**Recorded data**
□ □ □ □ □

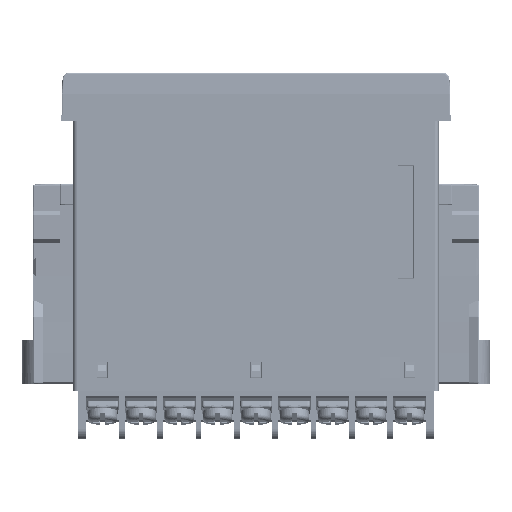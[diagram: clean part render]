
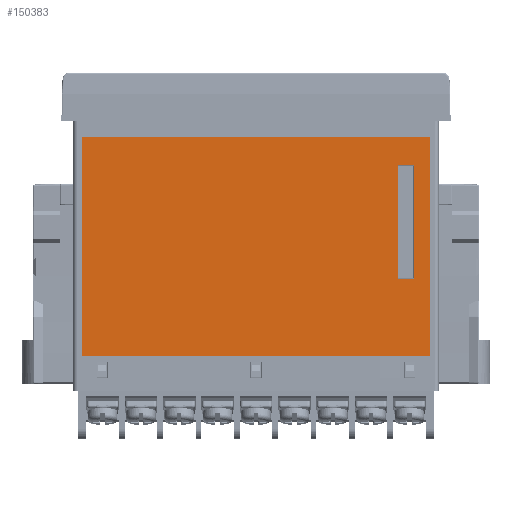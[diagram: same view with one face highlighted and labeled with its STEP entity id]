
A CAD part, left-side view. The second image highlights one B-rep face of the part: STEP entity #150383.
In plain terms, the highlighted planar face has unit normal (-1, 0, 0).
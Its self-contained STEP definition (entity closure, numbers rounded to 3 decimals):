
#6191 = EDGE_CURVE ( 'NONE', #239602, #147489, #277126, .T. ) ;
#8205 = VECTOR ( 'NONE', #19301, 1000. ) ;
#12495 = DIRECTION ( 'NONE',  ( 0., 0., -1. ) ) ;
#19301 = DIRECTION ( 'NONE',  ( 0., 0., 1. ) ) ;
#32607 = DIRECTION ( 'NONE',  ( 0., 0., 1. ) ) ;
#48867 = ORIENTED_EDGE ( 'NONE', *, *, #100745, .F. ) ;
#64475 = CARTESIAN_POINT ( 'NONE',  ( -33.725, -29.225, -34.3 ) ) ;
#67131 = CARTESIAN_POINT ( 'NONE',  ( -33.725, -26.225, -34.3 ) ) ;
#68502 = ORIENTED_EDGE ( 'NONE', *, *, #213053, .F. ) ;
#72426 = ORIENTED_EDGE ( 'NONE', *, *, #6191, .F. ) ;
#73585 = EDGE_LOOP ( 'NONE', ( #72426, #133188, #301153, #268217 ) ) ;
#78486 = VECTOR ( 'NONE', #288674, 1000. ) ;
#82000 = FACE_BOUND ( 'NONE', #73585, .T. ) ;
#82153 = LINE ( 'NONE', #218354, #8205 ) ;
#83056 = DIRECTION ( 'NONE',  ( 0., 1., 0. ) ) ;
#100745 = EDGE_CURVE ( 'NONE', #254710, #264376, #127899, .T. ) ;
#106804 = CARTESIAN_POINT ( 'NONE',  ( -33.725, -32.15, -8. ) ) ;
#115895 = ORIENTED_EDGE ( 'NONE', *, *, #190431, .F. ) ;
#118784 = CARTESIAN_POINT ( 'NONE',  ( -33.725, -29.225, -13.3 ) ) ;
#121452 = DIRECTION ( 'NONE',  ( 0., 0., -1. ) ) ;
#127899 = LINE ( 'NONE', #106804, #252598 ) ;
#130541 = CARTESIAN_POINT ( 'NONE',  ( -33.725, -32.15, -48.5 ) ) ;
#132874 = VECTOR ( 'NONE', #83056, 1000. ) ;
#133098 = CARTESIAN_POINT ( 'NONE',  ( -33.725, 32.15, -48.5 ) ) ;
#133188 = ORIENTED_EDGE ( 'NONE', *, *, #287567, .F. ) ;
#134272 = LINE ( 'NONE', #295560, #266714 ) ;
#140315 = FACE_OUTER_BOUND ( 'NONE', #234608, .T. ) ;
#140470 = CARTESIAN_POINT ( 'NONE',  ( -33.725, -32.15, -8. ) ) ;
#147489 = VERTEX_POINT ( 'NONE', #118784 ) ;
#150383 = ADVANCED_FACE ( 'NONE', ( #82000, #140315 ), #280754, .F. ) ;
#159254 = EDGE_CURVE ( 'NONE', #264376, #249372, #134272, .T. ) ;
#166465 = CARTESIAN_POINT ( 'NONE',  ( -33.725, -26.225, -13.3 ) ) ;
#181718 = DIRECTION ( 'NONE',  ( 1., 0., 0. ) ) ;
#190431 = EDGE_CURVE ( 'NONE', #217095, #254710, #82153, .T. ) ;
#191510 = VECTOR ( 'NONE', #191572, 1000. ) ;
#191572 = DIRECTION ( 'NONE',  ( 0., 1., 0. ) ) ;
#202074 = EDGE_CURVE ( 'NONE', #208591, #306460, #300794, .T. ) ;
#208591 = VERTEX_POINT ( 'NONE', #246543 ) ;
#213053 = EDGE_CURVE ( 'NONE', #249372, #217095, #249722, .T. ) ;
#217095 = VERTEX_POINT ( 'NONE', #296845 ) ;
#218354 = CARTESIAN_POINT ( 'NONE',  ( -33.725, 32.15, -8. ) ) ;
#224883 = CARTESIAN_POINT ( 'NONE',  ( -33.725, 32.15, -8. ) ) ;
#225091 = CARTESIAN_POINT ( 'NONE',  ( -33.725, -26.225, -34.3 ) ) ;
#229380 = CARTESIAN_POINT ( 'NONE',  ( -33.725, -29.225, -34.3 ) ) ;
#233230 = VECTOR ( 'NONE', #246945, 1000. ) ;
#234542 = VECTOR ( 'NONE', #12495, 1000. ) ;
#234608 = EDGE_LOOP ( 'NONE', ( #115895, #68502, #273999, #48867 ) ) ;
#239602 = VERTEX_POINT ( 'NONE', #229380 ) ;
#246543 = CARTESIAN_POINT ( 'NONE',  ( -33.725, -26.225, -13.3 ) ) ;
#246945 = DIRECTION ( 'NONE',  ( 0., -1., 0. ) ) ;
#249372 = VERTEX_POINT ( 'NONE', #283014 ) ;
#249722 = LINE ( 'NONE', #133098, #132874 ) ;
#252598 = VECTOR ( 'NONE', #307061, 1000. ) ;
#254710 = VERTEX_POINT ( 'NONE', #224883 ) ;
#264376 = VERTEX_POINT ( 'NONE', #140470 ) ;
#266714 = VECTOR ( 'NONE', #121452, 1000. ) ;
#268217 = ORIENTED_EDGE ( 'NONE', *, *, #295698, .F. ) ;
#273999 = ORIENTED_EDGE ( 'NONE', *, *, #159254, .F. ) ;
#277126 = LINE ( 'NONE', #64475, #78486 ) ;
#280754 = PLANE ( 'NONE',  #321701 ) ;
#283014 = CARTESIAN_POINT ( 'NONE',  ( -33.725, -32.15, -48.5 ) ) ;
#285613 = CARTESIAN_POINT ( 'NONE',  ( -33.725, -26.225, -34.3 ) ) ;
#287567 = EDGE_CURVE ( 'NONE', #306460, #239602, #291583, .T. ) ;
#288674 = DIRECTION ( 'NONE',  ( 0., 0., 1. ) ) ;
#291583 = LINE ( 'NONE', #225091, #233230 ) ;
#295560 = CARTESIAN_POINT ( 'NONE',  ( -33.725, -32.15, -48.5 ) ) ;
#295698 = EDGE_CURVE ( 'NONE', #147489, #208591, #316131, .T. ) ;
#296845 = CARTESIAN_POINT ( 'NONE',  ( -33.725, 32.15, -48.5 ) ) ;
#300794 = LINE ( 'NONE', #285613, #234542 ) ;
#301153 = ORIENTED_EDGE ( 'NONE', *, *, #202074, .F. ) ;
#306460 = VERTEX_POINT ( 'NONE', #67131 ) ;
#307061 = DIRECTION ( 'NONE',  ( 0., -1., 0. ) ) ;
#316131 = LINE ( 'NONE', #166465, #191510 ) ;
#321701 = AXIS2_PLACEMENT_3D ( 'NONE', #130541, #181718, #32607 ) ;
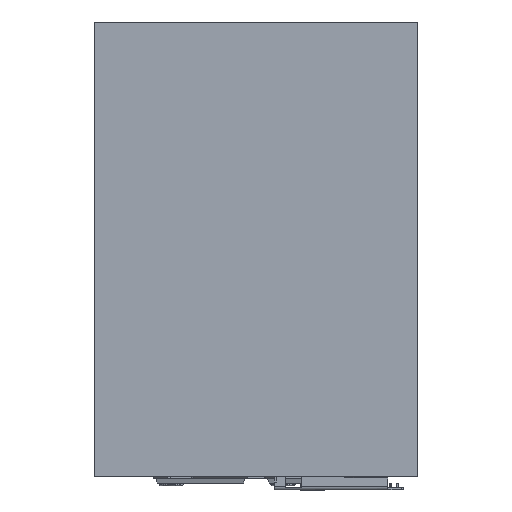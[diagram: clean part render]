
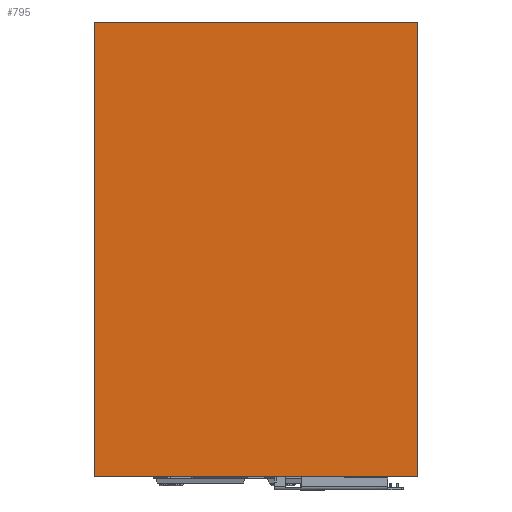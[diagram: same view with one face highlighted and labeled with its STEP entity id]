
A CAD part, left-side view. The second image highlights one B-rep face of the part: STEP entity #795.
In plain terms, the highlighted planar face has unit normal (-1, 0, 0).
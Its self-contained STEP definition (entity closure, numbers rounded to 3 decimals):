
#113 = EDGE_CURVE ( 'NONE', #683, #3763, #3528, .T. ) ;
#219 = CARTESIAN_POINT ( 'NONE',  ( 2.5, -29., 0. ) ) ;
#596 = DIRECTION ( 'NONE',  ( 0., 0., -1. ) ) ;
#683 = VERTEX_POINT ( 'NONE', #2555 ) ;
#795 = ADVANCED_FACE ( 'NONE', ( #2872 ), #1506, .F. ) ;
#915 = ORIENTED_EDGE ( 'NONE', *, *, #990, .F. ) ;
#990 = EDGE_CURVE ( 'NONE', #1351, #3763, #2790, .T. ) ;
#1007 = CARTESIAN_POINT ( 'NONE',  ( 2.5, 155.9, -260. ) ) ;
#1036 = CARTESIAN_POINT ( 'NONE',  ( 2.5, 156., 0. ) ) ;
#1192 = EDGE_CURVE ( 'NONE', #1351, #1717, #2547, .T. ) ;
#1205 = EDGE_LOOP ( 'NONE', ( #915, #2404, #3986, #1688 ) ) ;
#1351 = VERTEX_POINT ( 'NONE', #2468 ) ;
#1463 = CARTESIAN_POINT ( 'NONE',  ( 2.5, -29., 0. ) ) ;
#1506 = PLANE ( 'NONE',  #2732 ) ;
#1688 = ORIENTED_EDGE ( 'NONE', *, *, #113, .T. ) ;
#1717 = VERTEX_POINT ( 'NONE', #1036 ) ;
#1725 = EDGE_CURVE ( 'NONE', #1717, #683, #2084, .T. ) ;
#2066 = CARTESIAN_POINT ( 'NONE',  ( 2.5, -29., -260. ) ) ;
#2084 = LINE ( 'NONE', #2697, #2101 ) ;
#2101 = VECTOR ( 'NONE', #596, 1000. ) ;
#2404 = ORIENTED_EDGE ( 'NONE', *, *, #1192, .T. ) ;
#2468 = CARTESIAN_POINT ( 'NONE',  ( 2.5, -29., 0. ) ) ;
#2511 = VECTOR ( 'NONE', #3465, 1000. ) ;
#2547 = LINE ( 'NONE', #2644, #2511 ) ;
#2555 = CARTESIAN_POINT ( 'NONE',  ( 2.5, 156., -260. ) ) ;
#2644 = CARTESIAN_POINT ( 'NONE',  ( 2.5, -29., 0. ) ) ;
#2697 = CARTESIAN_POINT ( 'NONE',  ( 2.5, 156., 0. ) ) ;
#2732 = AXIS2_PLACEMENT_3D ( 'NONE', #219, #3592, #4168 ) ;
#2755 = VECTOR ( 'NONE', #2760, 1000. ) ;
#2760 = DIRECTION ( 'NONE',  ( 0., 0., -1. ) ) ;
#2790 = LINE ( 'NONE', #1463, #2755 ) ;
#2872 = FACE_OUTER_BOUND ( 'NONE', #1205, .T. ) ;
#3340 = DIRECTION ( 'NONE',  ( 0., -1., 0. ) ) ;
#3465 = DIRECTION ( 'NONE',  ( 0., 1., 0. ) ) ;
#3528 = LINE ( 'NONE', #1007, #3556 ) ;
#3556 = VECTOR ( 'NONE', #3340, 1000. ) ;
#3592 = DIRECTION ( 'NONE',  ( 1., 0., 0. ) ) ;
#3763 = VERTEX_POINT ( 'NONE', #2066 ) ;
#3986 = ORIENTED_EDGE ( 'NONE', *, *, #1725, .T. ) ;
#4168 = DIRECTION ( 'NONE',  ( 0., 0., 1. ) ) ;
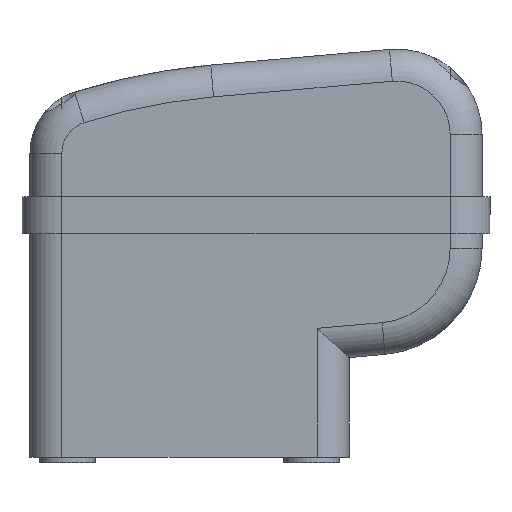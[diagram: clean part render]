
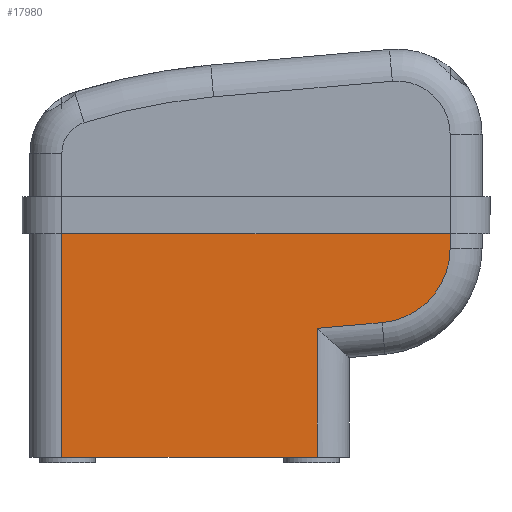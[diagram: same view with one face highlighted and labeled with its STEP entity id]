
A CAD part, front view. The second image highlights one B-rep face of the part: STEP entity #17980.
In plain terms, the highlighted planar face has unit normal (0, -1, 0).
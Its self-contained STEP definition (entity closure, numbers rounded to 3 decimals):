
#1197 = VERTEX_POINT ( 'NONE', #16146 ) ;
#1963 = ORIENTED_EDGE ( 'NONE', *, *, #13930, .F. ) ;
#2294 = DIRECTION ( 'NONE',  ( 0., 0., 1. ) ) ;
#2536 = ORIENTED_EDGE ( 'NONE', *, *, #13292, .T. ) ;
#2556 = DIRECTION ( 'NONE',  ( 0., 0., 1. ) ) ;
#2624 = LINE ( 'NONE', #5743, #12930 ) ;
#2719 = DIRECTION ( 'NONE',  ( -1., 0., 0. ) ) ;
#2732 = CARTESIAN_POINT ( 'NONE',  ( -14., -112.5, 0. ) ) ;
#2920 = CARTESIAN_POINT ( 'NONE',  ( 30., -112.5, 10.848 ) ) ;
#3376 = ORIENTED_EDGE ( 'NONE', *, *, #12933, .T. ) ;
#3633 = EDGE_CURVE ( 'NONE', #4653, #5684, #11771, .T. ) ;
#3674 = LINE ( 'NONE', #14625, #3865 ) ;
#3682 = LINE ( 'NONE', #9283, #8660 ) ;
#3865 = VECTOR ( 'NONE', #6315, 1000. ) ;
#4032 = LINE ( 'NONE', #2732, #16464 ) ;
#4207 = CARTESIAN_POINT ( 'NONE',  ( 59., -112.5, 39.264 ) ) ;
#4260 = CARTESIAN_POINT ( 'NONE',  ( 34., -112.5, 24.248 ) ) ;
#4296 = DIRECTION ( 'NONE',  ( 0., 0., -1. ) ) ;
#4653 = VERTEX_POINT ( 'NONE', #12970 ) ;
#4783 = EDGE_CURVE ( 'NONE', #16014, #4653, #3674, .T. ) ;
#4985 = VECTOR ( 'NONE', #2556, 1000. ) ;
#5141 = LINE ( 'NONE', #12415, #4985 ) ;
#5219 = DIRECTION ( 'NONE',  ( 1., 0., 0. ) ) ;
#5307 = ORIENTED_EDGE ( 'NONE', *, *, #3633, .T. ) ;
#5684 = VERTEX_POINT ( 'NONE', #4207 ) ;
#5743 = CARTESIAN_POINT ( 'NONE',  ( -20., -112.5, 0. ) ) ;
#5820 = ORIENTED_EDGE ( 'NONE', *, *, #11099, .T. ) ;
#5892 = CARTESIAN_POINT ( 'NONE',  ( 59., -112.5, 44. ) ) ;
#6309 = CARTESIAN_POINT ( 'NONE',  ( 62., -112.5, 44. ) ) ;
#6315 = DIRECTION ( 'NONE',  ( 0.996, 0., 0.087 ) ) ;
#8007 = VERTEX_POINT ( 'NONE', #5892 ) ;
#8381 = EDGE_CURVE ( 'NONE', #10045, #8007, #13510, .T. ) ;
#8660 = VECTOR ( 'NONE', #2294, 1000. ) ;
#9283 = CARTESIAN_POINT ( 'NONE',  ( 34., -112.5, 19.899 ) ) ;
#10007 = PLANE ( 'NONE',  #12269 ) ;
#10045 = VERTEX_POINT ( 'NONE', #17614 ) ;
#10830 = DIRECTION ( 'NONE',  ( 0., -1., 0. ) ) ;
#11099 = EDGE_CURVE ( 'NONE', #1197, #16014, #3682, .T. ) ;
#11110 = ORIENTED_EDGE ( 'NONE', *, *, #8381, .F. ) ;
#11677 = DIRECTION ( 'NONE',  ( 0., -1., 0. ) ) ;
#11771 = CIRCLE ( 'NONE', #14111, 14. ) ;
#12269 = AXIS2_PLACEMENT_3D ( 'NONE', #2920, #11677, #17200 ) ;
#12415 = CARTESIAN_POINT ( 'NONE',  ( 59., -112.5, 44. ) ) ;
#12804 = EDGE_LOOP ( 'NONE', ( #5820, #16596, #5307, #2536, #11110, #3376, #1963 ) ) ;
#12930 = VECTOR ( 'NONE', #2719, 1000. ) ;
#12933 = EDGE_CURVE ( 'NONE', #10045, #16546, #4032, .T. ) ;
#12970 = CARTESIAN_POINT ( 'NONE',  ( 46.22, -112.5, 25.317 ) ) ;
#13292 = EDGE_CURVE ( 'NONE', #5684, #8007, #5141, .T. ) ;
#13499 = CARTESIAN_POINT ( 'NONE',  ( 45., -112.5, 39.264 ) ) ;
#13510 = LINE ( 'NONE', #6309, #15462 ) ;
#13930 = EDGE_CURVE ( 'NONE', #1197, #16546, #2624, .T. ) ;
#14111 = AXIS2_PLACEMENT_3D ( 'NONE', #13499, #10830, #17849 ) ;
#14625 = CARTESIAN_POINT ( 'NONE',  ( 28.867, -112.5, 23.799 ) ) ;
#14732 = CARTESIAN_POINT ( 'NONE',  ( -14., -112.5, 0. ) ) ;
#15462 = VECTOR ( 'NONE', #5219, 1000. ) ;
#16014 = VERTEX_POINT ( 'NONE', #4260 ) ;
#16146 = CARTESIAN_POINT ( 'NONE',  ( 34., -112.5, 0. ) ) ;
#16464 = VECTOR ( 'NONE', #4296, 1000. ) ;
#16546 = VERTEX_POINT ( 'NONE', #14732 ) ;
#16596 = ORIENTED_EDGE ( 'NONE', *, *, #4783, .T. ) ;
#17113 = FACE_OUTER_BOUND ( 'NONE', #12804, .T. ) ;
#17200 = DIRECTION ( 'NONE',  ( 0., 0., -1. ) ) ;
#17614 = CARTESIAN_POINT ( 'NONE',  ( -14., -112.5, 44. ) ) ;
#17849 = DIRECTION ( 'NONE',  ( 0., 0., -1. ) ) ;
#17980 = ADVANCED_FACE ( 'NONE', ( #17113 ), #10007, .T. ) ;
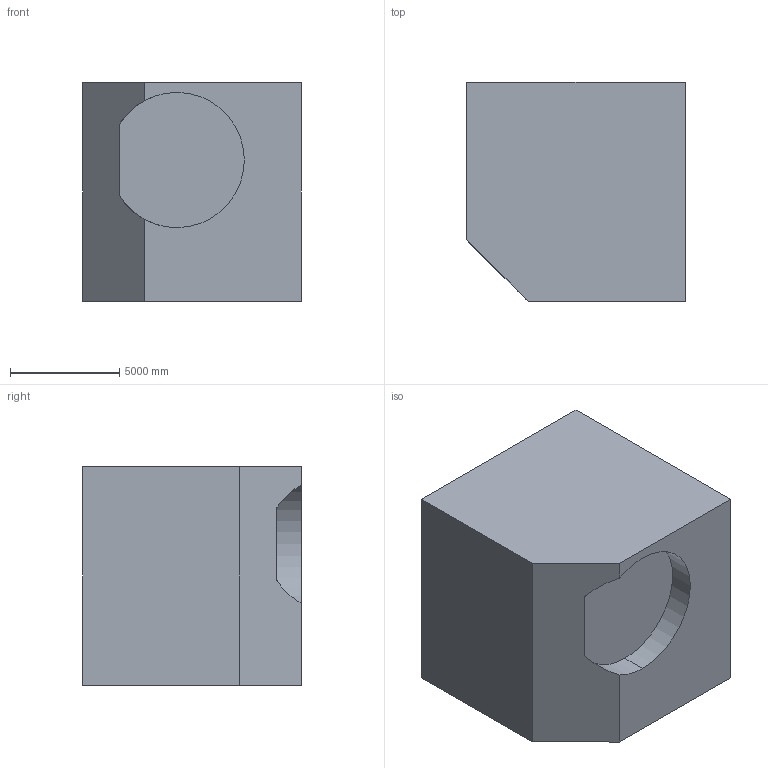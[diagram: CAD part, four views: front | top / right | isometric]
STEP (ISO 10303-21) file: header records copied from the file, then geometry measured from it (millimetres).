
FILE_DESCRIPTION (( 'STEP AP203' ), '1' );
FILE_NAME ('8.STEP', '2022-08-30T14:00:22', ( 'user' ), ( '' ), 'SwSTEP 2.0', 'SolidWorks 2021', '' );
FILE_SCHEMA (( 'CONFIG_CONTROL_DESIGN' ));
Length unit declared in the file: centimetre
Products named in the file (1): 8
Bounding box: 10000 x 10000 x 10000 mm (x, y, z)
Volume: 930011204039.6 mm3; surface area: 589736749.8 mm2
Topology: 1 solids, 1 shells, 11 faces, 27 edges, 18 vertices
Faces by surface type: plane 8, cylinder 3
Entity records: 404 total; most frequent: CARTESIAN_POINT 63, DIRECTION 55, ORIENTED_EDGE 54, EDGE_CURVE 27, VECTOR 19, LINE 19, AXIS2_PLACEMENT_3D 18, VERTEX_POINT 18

□ □ □ □ □

**YOUR OBJECTIVE**
I would like the exact lines from the data above, starting with the one that holds "#307061 = DIRECTION" and going on through the one that holds "#683 = VERTEX_POINT ( 'NONE', #2555 ) ;", without the pictures.

**EXERCISE RESPONSE**
#307061 = DIRECTION ( 'NONE',  ( 0., -1., 0. ) ) ;
#316131 = LINE ( 'NONE', #166465, #191510 ) ;
#321701 = AXIS2_PLACEMENT_3D ( 'NONE', #130541, #181718, #32607 ) ;
[diagram: clean part render]
[diagram: same view with one face highlighted and labeled with its STEP entity id]
A CAD part, left-side view. The second image highlights one B-rep face of the part: STEP entity #795.
In plain terms, the highlighted planar face has unit normal (-1, 0, 0).
Its self-contained STEP definition (entity closure, numbers rounded to 3 decimals):
#113 = EDGE_CURVE ( 'NONE', #683, #3763, #3528, .T. ) ;
#219 = CARTESIAN_POINT ( 'NONE',  ( 2.5, -29., 0. ) ) ;
#596 = DIRECTION ( 'NONE',  ( 0., 0., -1. ) ) ;
#683 = VERTEX_POINT ( 'NONE', #2555 ) ;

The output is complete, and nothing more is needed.